__Directions for this task__. Among the lines below, keep only those from the one containing "#752049=DIRECTION('',(1.,0.,0.));" through the one containing "#752064=VECTOR('',#752063,0.01);", and reproduce them exactly.

__Given entries__.
-*-*-

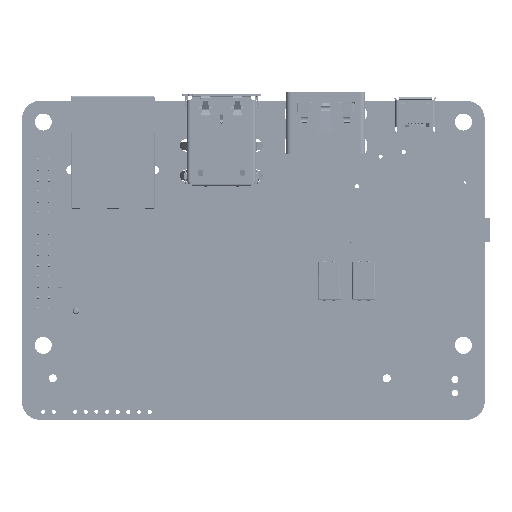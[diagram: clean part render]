
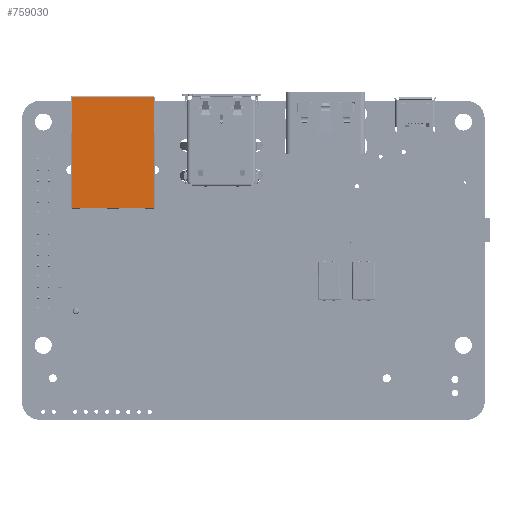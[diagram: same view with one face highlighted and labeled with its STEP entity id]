
A CAD part, top view. The second image highlights one B-rep face of the part: STEP entity #759030.
In plain terms, the highlighted planar face has unit normal (0, 0, 1).
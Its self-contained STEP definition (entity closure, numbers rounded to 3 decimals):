
#752021=DIRECTION('',(1.,0.,0.));
#752022=VECTOR('',#752021,15.38);
#752023=CARTESIAN_POINT('',(-89.666,53.609,
13.363));
#752024=LINE('',#752023,#752022);
#752035=DIRECTION('',(0.,-1.,0.));
#752036=VECTOR('',#752035,0.01);
#752037=CARTESIAN_POINT('',(-89.666,32.839,
13.363));
#752038=LINE('',#752037,#752036);
#752042=DIRECTION('',(0.,-1.,0.));
#752043=VECTOR('',#752042,1.);
#752044=CARTESIAN_POINT('',(-89.666,47.779,
13.363));
#752045=LINE('',#752044,#752043);
#752049=DIRECTION('',(1.,0.,0.));
#752050=VECTOR('',#752049,0.01);
#752051=CARTESIAN_POINT('',(-89.676,47.779,
13.363));
#752052=LINE('',#752051,#752050);
#752056=DIRECTION('',(0.,-1.,0.));
#752057=VECTOR('',#752056,5.83);
#752058=CARTESIAN_POINT('',(-89.676,53.609,
13.363));
#752059=LINE('',#752058,#752057);
#752063=DIRECTION('',(-1.,0.,0.));
#752064=VECTOR('',#752063,0.01);
#752065=CARTESIAN_POINT('',(-89.666,53.609,
13.363));
#752066=LINE('',#752065,#752064);
#752070=DIRECTION('',(-1.,0.,0.));
#752071=VECTOR('',#752070,0.01);
#752072=CARTESIAN_POINT('',(-74.276,53.609,
13.363));
#752073=LINE('',#752072,#752071);
#752077=DIRECTION('',(0.,1.,0.));
#752078=VECTOR('',#752077,5.83);
#752079=CARTESIAN_POINT('',(-74.276,47.779,
13.363));
#752080=LINE('',#752079,#752078);
#752084=DIRECTION('',(1.,0.,0.));
#752085=VECTOR('',#752084,0.01);
#752086=CARTESIAN_POINT('',(-74.286,47.779,
13.363));
#752087=LINE('',#752086,#752085);
#752091=DIRECTION('',(0.,1.,0.));
#752092=VECTOR('',#752091,1.);
#752093=CARTESIAN_POINT('',(-74.286,46.779,
13.363));
#752094=LINE('',#752093,#752092);
#752098=DIRECTION('',(0.,1.,0.));
#752099=VECTOR('',#752098,0.01);
#752100=CARTESIAN_POINT('',(-74.286,32.829,
13.363));
#752101=LINE('',#752100,#752099);
#752105=DIRECTION('',(1.,0.,0.));
#752106=VECTOR('',#752105,5.);
#752107=CARTESIAN_POINT('',(-80.826,32.829,
13.363));
#752108=LINE('',#752107,#752106);
#752112=DIRECTION('',(1.,0.,0.));
#752113=VECTOR('',#752112,5.);
#752114=CARTESIAN_POINT('',(-88.126,32.829,
13.363));
#752115=LINE('',#752114,#752113);
#752119=DIRECTION('',(-1.,0.,0.));
#752120=VECTOR('',#752119,1.54);
#752121=CARTESIAN_POINT('',(-88.126,32.829,
13.363));
#752122=LINE('',#752121,#752120);
#752335=DIRECTION('',(-1.,0.,0.));
#752336=VECTOR('',#752335,2.3);
#752337=CARTESIAN_POINT('',(-80.826,32.829,
13.363));
#752338=LINE('',#752337,#752336);
#753077=DIRECTION('',(-1.,0.,0.));
#753078=VECTOR('',#753077,1.54);
#753079=CARTESIAN_POINT('',(-74.286,32.829,
13.363));
#753080=LINE('',#753079,#753078);
#753107=DIRECTION('',(0.,-1.,0.));
#753108=VECTOR('',#753107,13.94);
#753109=CARTESIAN_POINT('',(-74.286,46.779,
13.363));
#753110=LINE('',#753109,#753108);
#753435=DIRECTION('',(0.,1.,0.));
#753436=VECTOR('',#753435,13.94);
#753437=CARTESIAN_POINT('',(-89.666,32.839,
13.363));
#753438=LINE('',#753437,#753436);
#754289=CARTESIAN_POINT('',(-83.126,32.829,
13.363));
#754290=VERTEX_POINT('',#754289);
#754392=CARTESIAN_POINT('',(-80.826,32.829,
13.363));
#754393=VERTEX_POINT('',#754392);
#754408=CARTESIAN_POINT('',(-74.286,32.839,
13.363));
#754410=VERTEX_POINT('',#754408);
#754416=CARTESIAN_POINT('',(-74.286,47.779,
13.363));
#754418=VERTEX_POINT('',#754416);
#754424=CARTESIAN_POINT('',(-74.286,53.609,
13.363));
#754426=VERTEX_POINT('',#754424);
#754430=CARTESIAN_POINT('',(-89.666,53.609,
13.363));
#754431=VERTEX_POINT('',#754430);
#754436=CARTESIAN_POINT('',(-89.666,47.779,
13.363));
#754437=CARTESIAN_POINT('',(-89.666,46.779,
13.363));
#754438=VERTEX_POINT('',#754436);
#754439=VERTEX_POINT('',#754437);
#754446=CARTESIAN_POINT('',(-89.666,32.839,
13.363));
#754447=VERTEX_POINT('',#754446);
#754456=CARTESIAN_POINT('',(-89.666,32.829,
13.363));
#754457=VERTEX_POINT('',#754456);
#754469=CARTESIAN_POINT('',(-75.826,32.829,
13.363));
#754471=VERTEX_POINT('',#754469);
#754482=CARTESIAN_POINT('',(-74.286,46.779,
13.363));
#754484=VERTEX_POINT('',#754482);
#754550=CARTESIAN_POINT('',(-88.126,32.829,
13.363));
#754552=VERTEX_POINT('',#754550);
#754554=CARTESIAN_POINT('',(-74.286,32.829,
13.363));
#754556=VERTEX_POINT('',#754554);
#754990=CARTESIAN_POINT('',(-74.276,47.779,
13.363));
#754991=VERTEX_POINT('',#754990);
#754994=CARTESIAN_POINT('',(-74.276,53.609,
13.363));
#754996=VERTEX_POINT('',#754994);
#755010=CARTESIAN_POINT('',(-89.676,53.609,
13.363));
#755011=VERTEX_POINT('',#755010);
#755014=CARTESIAN_POINT('',(-89.676,47.779,
13.363));
#755015=VERTEX_POINT('',#755014);
#758988=CARTESIAN_POINT('',(-89.676,32.619,
13.363));
#758989=DIRECTION('',(0.,0.,-1.));
#758990=DIRECTION('',(0.,-1.,0.));
#758991=AXIS2_PLACEMENT_3D('',#758988,#758989,#758990);
#758992=PLANE('',#758991);
#758994=ORIENTED_EDGE('',*,*,#758993,.T.);
#758996=ORIENTED_EDGE('',*,*,#758995,.F.);
#758998=ORIENTED_EDGE('',*,*,#758997,.T.);
#759000=ORIENTED_EDGE('',*,*,#758999,.F.);
#759002=ORIENTED_EDGE('',*,*,#759001,.F.);
#759004=ORIENTED_EDGE('',*,*,#759003,.F.);
#759006=ORIENTED_EDGE('',*,*,#759005,.F.);
#759007=ORIENTED_EDGE('',*,*,#758972,.T.);
#759009=ORIENTED_EDGE('',*,*,#759008,.F.);
#759011=ORIENTED_EDGE('',*,*,#759010,.F.);
#759013=ORIENTED_EDGE('',*,*,#759012,.F.);
#759015=ORIENTED_EDGE('',*,*,#759014,.F.);
#759017=ORIENTED_EDGE('',*,*,#759016,.T.);
#759019=ORIENTED_EDGE('',*,*,#759018,.F.);
#759021=ORIENTED_EDGE('',*,*,#759020,.T.);
#759023=ORIENTED_EDGE('',*,*,#759022,.F.);
#759025=ORIENTED_EDGE('',*,*,#759024,.T.);
#759027=ORIENTED_EDGE('',*,*,#759026,.F.);
#759028=EDGE_LOOP('',(#758994,#758996,#758998,#759000,#759002,#759004,#759006,
#759007,#759009,#759011,#759013,#759015,#759017,#759019,#759021,#759023,#759025,
#759027));
#759029=FACE_OUTER_BOUND('',#759028,.F.);
#758972=EDGE_CURVE('',#754431,#754426,#752024,.T.);
#758993=EDGE_CURVE('',#754552,#754457,#752122,.T.);
#758995=EDGE_CURVE('',#754447,#754457,#752038,.T.);
#758997=EDGE_CURVE('',#754447,#754439,#753438,.T.);
#758999=EDGE_CURVE('',#754438,#754439,#752045,.T.);
#759001=EDGE_CURVE('',#755015,#754438,#752052,.T.);
#759003=EDGE_CURVE('',#755011,#755015,#752059,.T.);
#759005=EDGE_CURVE('',#754431,#755011,#752066,.T.);
#759008=EDGE_CURVE('',#754996,#754426,#752073,.T.);
#759010=EDGE_CURVE('',#754991,#754996,#752080,.T.);
#759012=EDGE_CURVE('',#754418,#754991,#752087,.T.);
#759014=EDGE_CURVE('',#754484,#754418,#752094,.T.);
#759016=EDGE_CURVE('',#754484,#754410,#753110,.T.);
#759018=EDGE_CURVE('',#754556,#754410,#752101,.T.);
#759020=EDGE_CURVE('',#754556,#754471,#753080,.T.);
#759022=EDGE_CURVE('',#754393,#754471,#752108,.T.);
#759024=EDGE_CURVE('',#754393,#754290,#752338,.T.);
#759026=EDGE_CURVE('',#754552,#754290,#752115,.T.);
#759030=ADVANCED_FACE('',(#759029),#758992,.F.);

-*-*-

__Output__.
#752049=DIRECTION('',(1.,0.,0.));
#752050=VECTOR('',#752049,0.01);
#752051=CARTESIAN_POINT('',(-89.676,47.779,
13.363));
#752052=LINE('',#752051,#752050);
#752056=DIRECTION('',(0.,-1.,0.));
#752057=VECTOR('',#752056,5.83);
#752058=CARTESIAN_POINT('',(-89.676,53.609,
13.363));
#752059=LINE('',#752058,#752057);
#752063=DIRECTION('',(-1.,0.,0.));
#752064=VECTOR('',#752063,0.01);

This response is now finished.